Shift-based decoder [2].

See [3; Sec. III.C2] for an exposition.

Modular-qudit surface code — The tiger surface code can be thought of as a realization of the \(q\to\infty\) \(\mathbb{R}\) oscillator limit [4] of the qudit surface code as a bosonic stabilizer code.
Abelian topological code — The analog surface code realizes a straightforward extension of the modular-qudit surface code to infinite local dimension, \(q\to\infty\) [4]. The code realizes a phase of 2D \(\mathbb{R}\) gauge theory.
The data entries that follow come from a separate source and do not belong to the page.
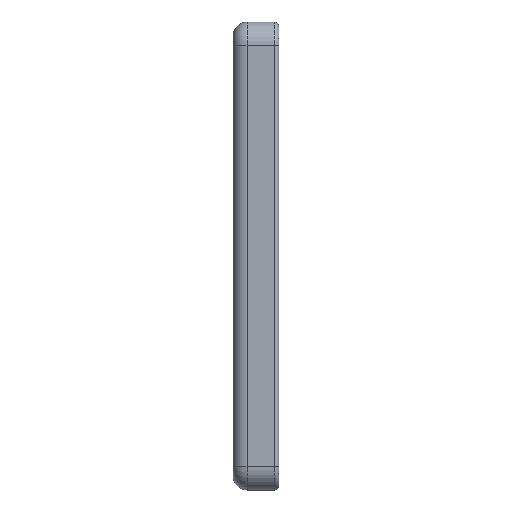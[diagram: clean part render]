
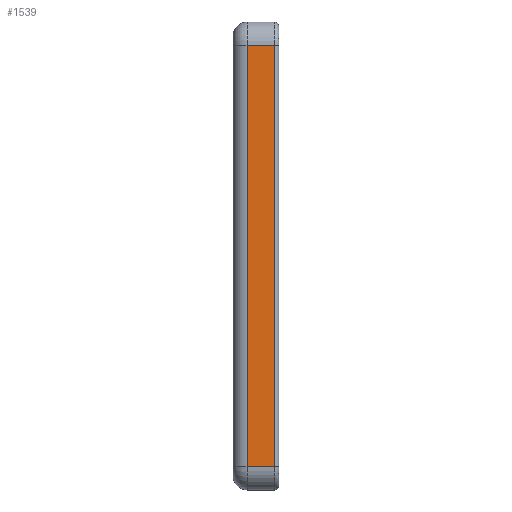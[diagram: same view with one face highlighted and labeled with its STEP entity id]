
A CAD part, left-side view. The second image highlights one B-rep face of the part: STEP entity #1539.
In plain terms, the highlighted planar face has unit normal (-1, 0, 0).
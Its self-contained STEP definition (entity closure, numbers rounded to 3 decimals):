
#159 = CARTESIAN_POINT ( 'NONE',  ( -50., 6.8, 45. ) ) ;
#164 = CARTESIAN_POINT ( 'NONE',  ( -50., 1., 45. ) ) ;
#165 = CARTESIAN_POINT ( 'NONE',  ( -50., 1., -45. ) ) ;
#166 = CARTESIAN_POINT ( 'NONE',  ( -50., 6.8, -45. ) ) ;
#175 = CARTESIAN_POINT ( 'NONE',  ( -50., 1., -50. ) ) ;
#177 = DIRECTION ( 'NONE',  ( 0., 0., 1. ) ) ;
#237 = VERTEX_POINT ( 'NONE', #159 ) ;
#242 = VERTEX_POINT ( 'NONE', #164 ) ;
#243 = VERTEX_POINT ( 'NONE', #165 ) ;
#244 = VERTEX_POINT ( 'NONE', #166 ) ;
#283 = ORIENTED_EDGE ( 'NONE', *, *, #1009, .T. ) ;
#288 = ORIENTED_EDGE ( 'NONE', *, *, #1344, .T. ) ;
#289 = ORIENTED_EDGE ( 'NONE', *, *, #1025, .T. ) ;
#325 = ORIENTED_EDGE ( 'NONE', *, *, #882, .T. ) ;
#395 = CARTESIAN_POINT ( 'NONE',  ( -50., 9.8, -45. ) ) ;
#399 = DIRECTION ( 'NONE',  ( 0., -1., 0. ) ) ;
#434 = CARTESIAN_POINT ( 'NONE',  ( -50., 6.8, -45. ) ) ;
#443 = DIRECTION ( 'NONE',  ( 0., 0., -1. ) ) ;
#530 = EDGE_LOOP ( 'NONE', ( #283, #325, #288, #289 ) ) ;
#674 = LINE ( 'NONE', #395, #691 ) ;
#681 = LINE ( 'NONE', #175, #682 ) ;
#682 = VECTOR ( 'NONE', #177, 1000. ) ;
#691 = VECTOR ( 'NONE', #399, 1000. ) ;
#747 = CARTESIAN_POINT ( 'NONE',  ( -50., 9.8, -50. ) ) ;
#748 = PLANE ( 'NONE',  #844 ) ;
#751 = DIRECTION ( 'NONE',  ( 1., 0., 0. ) ) ;
#752 = DIRECTION ( 'NONE',  ( 0., 0., -1. ) ) ;
#844 = AXIS2_PLACEMENT_3D ( 'NONE', #747, #751, #752 ) ;
#882 = EDGE_CURVE ( 'NONE', #243, #242, #681, .T. ) ;
#917 = VECTOR ( 'NONE', #443, 1000. ) ;
#923 = LINE ( 'NONE', #434, #917 ) ;
#935 = LINE ( 'NONE', #1561, #1006 ) ;
#1006 = VECTOR ( 'NONE', #1568, 1000. ) ;
#1009 = EDGE_CURVE ( 'NONE', #244, #243, #674, .T. ) ;
#1025 = EDGE_CURVE ( 'NONE', #237, #244, #923, .T. ) ;
#1299 = FACE_OUTER_BOUND ( 'NONE', #530, .T. ) ;
#1344 = EDGE_CURVE ( 'NONE', #242, #237, #935, .T. ) ;
#1539 = ADVANCED_FACE ( 'NONE', ( #1299 ), #748, .F. ) ;
#1561 = CARTESIAN_POINT ( 'NONE',  ( -50., 9.8, 45. ) ) ;
#1568 = DIRECTION ( 'NONE',  ( 0., 1., 0. ) ) ;

There are two types of anyons, \(e\) and \(m\), with each type being valued in a continuous domain as opposed to \(\mathbb{Z}_q\) for the qudit surface code.
Compactified \(\mathbb{R}\) gauge theory code — The compactified \(\mathbb{R}\) gauge theory code can be obtained from the analog surface code by condensing certain anyons [5]. This results in a pinning of each mode to the space of periodic functions, which make up a physical rotor, and can be thought of as compactification of the 2D \(\mathbb{R}\) gauge theory phase realized by the analog surface code.
\(U(1)_{2n} \times U(1)_{-2m}\) Chern-Simons GKP code — The \(U(1)_{2n} \times U(1)_{-2m}\) Chern-Simons GKP code can be obtained from the analog surface code by condensing certain anyons [5].
GKP-surface code — The GKP-surface code can be obtained from the analog surface code by condensing certain anyons [5].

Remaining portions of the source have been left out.